Your task: Below are records; work out how many of their lines contain "name" and give only that number.
* * * * * * * * *
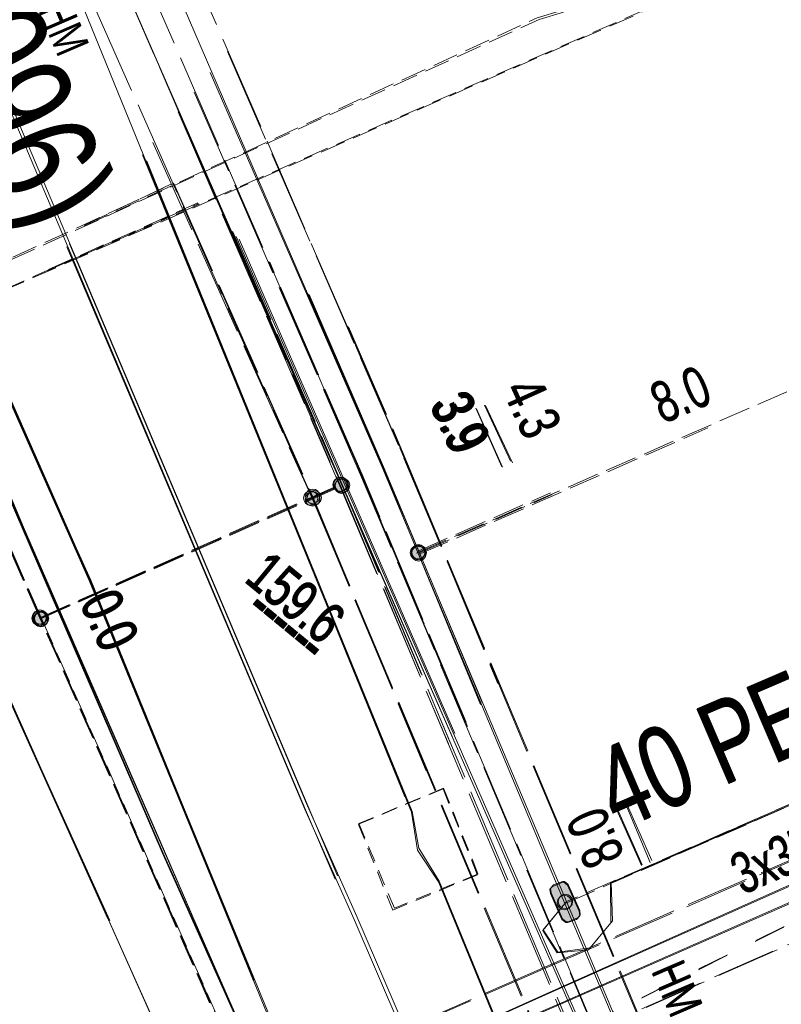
# Model space of a CAD drawing. Header units: metres. Extents: x -740 to 758, y -633 to 854.
# Tile 909 of 1056: x 345 to 355, y 200 to 213. Entities that reach past the tile are written whole.
import ezdxf

# ---------------------------------------------------------------- set-up
doc = ezdxf.new("R2010")
doc.units = ezdxf.units.M
doc.header["$MEASUREMENT"] = 0
for name, pattern in [('1248_208', [1.456, 1.248, -0.208]), ('208_125', [0.3328, 0.208, -0.1248]), ('333_125', [0.4576, 0.3328, -0.1248]), ('416_125', [0.5408, 0.416, -0.1248]), ('416_416', [0.832, 0.416, -0.416]), ('832_208', [1.04, 0.832, -0.208])]:
    doc.linetypes.add(name, pattern=pattern)
for name, color, linetype in [('Gas.LOVION', 7, 'Continuous'), ('Grundkarte.LOVION', 7, 'Continuous'), ('Strom.LOVION', 7, 'Continuous'), ('StromBemass.LOVION', 7, 'Continuous'), ('Telko.LOVION', 7, 'Continuous'), ('Wasser.LOVION', 7, 'Continuous')]:
    doc.layers.add(name, color=color, linetype=linetype)
doc.styles.add('ERSTELLTER_STIL_1', font='arial.ttf')

msp = doc.modelspace()

# ---------------------------------------------------------------- hatches: boundary and pattern name
at = {"layer": 'Strom.LOVION', "linetype": 'Continuous', "lineweight": 13}
for points in [[(352.32, 201.517), (352.471, 201.177), (352.52, 201.138), (352.549, 201.141), (352.663, 201.181), (352.703, 201.229), (352.697, 201.288), (352.545, 201.628), (352.497, 201.668), (352.468, 201.665), (352.341, 201.608), (352.314, 201.576)], [(352.328, 201.527), (352.479, 201.187), (352.528, 201.148), (352.557, 201.15), (352.684, 201.207), (352.711, 201.239), (352.705, 201.298), (352.554, 201.638), (352.505, 201.677), (352.476, 201.675), (352.362, 201.634), (352.322, 201.586)]]:
    msp.add_hatch(color=7, dxfattribs=at).paths.add_polyline_path(points)
at = {"layer": 'StromBemass.LOVION', "linetype": 'Continuous', "lineweight": 13}
for points in [[(349.64, 206.806), (349.646, 206.816), (349.652, 206.826), (349.656, 206.837), (349.659, 206.848), (349.661, 206.859), (349.66, 206.871), (349.659, 206.883), (349.656, 206.894), (349.652, 206.905), (349.646, 206.915), (349.639, 206.924), (349.631, 206.933), (349.622, 206.94), (349.612, 206.946), (349.602, 206.951), (349.591, 206.955), (349.579, 206.957), (349.568, 206.958), (349.556, 206.957), (349.545, 206.955), (349.534, 206.951), (349.523, 206.946), (349.513, 206.94), (349.504, 206.932), (349.496, 206.924), (349.49, 206.914), (349.484, 206.904), (349.48, 206.893), (349.477, 206.882), (349.476, 206.871), (349.476, 206.859), (349.477, 206.847), (349.48, 206.836), (349.484, 206.825), (349.49, 206.815), (349.497, 206.806), (349.505, 206.797), (349.514, 206.79), (349.524, 206.784), (349.534, 206.779), (349.545, 206.775), (349.557, 206.773), (349.568, 206.772), (349.58, 206.773), (349.591, 206.775), (349.602, 206.779), (349.613, 206.784), (349.623, 206.79), (349.632, 206.798)], [(349.652, 206.811), (349.659, 206.82), (349.665, 206.83), (349.669, 206.841), (349.672, 206.853), (349.673, 206.865), (349.673, 206.876), (349.672, 206.888), (349.669, 206.9), (349.664, 206.911), (349.659, 206.921), (349.652, 206.93), (349.644, 206.939), (349.634, 206.947), (349.624, 206.953), (349.614, 206.958), (349.603, 206.961), (349.591, 206.964), (349.579, 206.964), (349.567, 206.964), (349.556, 206.961), (349.545, 206.958), (349.534, 206.953), (349.524, 206.946), (349.515, 206.939), (349.507, 206.93), (349.5, 206.92), (349.494, 206.91), (349.49, 206.899), (349.487, 206.888), (349.486, 206.876), (349.486, 206.864), (349.487, 206.852), (349.49, 206.841), (349.494, 206.83), (349.5, 206.82), (349.507, 206.81), (349.515, 206.801), (349.524, 206.794), (349.534, 206.788), (349.545, 206.783), (349.556, 206.779), (349.568, 206.777), (349.58, 206.776), (349.592, 206.777), (349.603, 206.779), (349.614, 206.783), (349.625, 206.788), (349.635, 206.794), (349.644, 206.802)], [(349.659, 206.785), (349.666, 206.794), (349.672, 206.805), (349.676, 206.815), (349.679, 206.827), (349.68, 206.838), (349.68, 206.85), (349.679, 206.862), (349.676, 206.873), (349.672, 206.884), (349.666, 206.894), (349.659, 206.903), (349.651, 206.912), (349.642, 206.919), (349.632, 206.925), (349.622, 206.93), (349.611, 206.934), (349.599, 206.936), (349.587, 206.937), (349.576, 206.936), (349.564, 206.934), (349.553, 206.93), (349.543, 206.925), (349.533, 206.919), (349.524, 206.911), (349.516, 206.903), (349.509, 206.893), (349.504, 206.883), (349.499, 206.872), (349.497, 206.861), (349.495, 206.849), (349.495, 206.838), (349.497, 206.826), (349.5, 206.815), (349.504, 206.804), (349.51, 206.794), (349.516, 206.784), (349.524, 206.776), (349.533, 206.769), (349.543, 206.762), (349.554, 206.757), (349.565, 206.754), (349.576, 206.752), (349.588, 206.751), (349.6, 206.752), (349.611, 206.754), (349.622, 206.758), (349.633, 206.763), (349.643, 206.769), (349.652, 206.776)], [(349.674, 206.795), (349.681, 206.804), (349.686, 206.815), (349.691, 206.826), (349.694, 206.837), (349.695, 206.849), (349.695, 206.861), (349.693, 206.873), (349.69, 206.885), (349.686, 206.896), (349.68, 206.906), (349.673, 206.916), (349.665, 206.924), (349.656, 206.932), (349.646, 206.938), (349.635, 206.943), (349.624, 206.947), (349.612, 206.949), (349.6, 206.95), (349.588, 206.949), (349.576, 206.947), (349.565, 206.943), (349.554, 206.938), (349.544, 206.932), (349.535, 206.924), (349.527, 206.915), (349.52, 206.906), (349.514, 206.895), (349.51, 206.884), (349.507, 206.872), (349.506, 206.861), (349.506, 206.849), (349.507, 206.837), (349.51, 206.825), (349.515, 206.814), (349.52, 206.804), (349.527, 206.794), (349.536, 206.785), (349.545, 206.778), (349.555, 206.772), (349.566, 206.767), (349.577, 206.763), (349.589, 206.761), (349.601, 206.76), (349.612, 206.761), (349.624, 206.763), (349.636, 206.767), (349.646, 206.772), (349.656, 206.778), (349.665, 206.786)], [(349.256, 206.63), (349.263, 206.639), (349.269, 206.65), (349.273, 206.661), (349.276, 206.672), (349.278, 206.684), (349.278, 206.695), (349.276, 206.707), (349.273, 206.719), (349.269, 206.729), (349.263, 206.74), (349.256, 206.749), (349.248, 206.758), (349.239, 206.765), (349.229, 206.771), (349.218, 206.776), (349.207, 206.78), (349.196, 206.782), (349.184, 206.783), (349.172, 206.782), (349.161, 206.78), (349.149, 206.776), (349.139, 206.771), (349.129, 206.765), (349.12, 206.757), (349.112, 206.749), (349.105, 206.739), (349.099, 206.729), (349.095, 206.718), (349.092, 206.707), (349.091, 206.695), (349.091, 206.683), (349.092, 206.671), (349.095, 206.66), (349.1, 206.649), (349.105, 206.639), (349.112, 206.629), (349.12, 206.621), (349.129, 206.613), (349.139, 206.607), (349.15, 206.602), (349.161, 206.599), (349.173, 206.596), (349.184, 206.596), (349.196, 206.596), (349.208, 206.599), (349.219, 206.602), (349.23, 206.607), (349.239, 206.614), (349.248, 206.621)], [(349.256, 206.63), (349.263, 206.639), (349.269, 206.65), (349.273, 206.661), (349.276, 206.672), (349.278, 206.684), (349.278, 206.695), (349.276, 206.707), (349.273, 206.719), (349.269, 206.729), (349.263, 206.74), (349.256, 206.749), (349.248, 206.758), (349.239, 206.765), (349.229, 206.771), (349.218, 206.776), (349.207, 206.78), (349.196, 206.782), (349.184, 206.783), (349.172, 206.782), (349.161, 206.78), (349.149, 206.776), (349.139, 206.771), (349.129, 206.765), (349.12, 206.757), (349.112, 206.749), (349.105, 206.739), (349.099, 206.729), (349.095, 206.718), (349.092, 206.707), (349.091, 206.695), (349.091, 206.683), (349.092, 206.671), (349.095, 206.66), (349.1, 206.649), (349.105, 206.639), (349.112, 206.629), (349.12, 206.621), (349.129, 206.613), (349.139, 206.607), (349.15, 206.602), (349.161, 206.599), (349.173, 206.596), (349.184, 206.596), (349.196, 206.596), (349.208, 206.599), (349.219, 206.602), (349.23, 206.607), (349.239, 206.614), (349.248, 206.621)], [(349.283, 206.653), (349.29, 206.663), (349.295, 206.673), (349.3, 206.684), (349.302, 206.696), (349.304, 206.707), (349.304, 206.719), (349.302, 206.731), (349.299, 206.742), (349.295, 206.753), (349.289, 206.764), (349.282, 206.773), (349.274, 206.782), (349.265, 206.789), (349.255, 206.795), (349.244, 206.8), (349.233, 206.804), (349.222, 206.806), (349.21, 206.807), (349.198, 206.806), (349.187, 206.804), (349.175, 206.8), (349.165, 206.795), (349.155, 206.789), (349.146, 206.781), (349.138, 206.773), (349.131, 206.763), (349.125, 206.753), (349.121, 206.742), (349.118, 206.73), (349.116, 206.719), (349.116, 206.707), (349.118, 206.695), (349.121, 206.684), (349.125, 206.673), (349.131, 206.662), (349.138, 206.653), (349.146, 206.644), (349.155, 206.637), (349.165, 206.631), (349.176, 206.626), (349.187, 206.622), (349.199, 206.62), (349.21, 206.619), (349.222, 206.62), (349.234, 206.622), (349.245, 206.626), (349.256, 206.631), (349.266, 206.637), (349.275, 206.645)], [(349.283, 206.653), (349.29, 206.663), (349.295, 206.673), (349.3, 206.684), (349.302, 206.696), (349.304, 206.707), (349.304, 206.719), (349.302, 206.731), (349.299, 206.742), (349.295, 206.753), (349.289, 206.764), (349.282, 206.773), (349.274, 206.782), (349.265, 206.789), (349.255, 206.795), (349.244, 206.8), (349.233, 206.804), (349.222, 206.806), (349.21, 206.807), (349.198, 206.806), (349.187, 206.804), (349.175, 206.8), (349.165, 206.795), (349.155, 206.789), (349.146, 206.781), (349.138, 206.773), (349.131, 206.763), (349.125, 206.753), (349.121, 206.742), (349.118, 206.73), (349.116, 206.719), (349.116, 206.707), (349.118, 206.695), (349.121, 206.684), (349.125, 206.673), (349.131, 206.662), (349.138, 206.653), (349.146, 206.644), (349.155, 206.637), (349.165, 206.631), (349.176, 206.626), (349.187, 206.622), (349.199, 206.62), (349.21, 206.619), (349.222, 206.62), (349.234, 206.622), (349.245, 206.626), (349.256, 206.631), (349.266, 206.637), (349.275, 206.645)], [(349.284, 206.618), (349.291, 206.627), (349.297, 206.638), (349.301, 206.649), (349.304, 206.66), (349.306, 206.672), (349.306, 206.684), (349.304, 206.696), (349.301, 206.707), (349.297, 206.718), (349.291, 206.729), (349.284, 206.738), (349.276, 206.747), (349.266, 206.754), (349.256, 206.761), (349.246, 206.766), (349.234, 206.769), (349.223, 206.772), (349.211, 206.772), (349.199, 206.772), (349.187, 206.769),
* * * * * * * * *
Problem solution: 5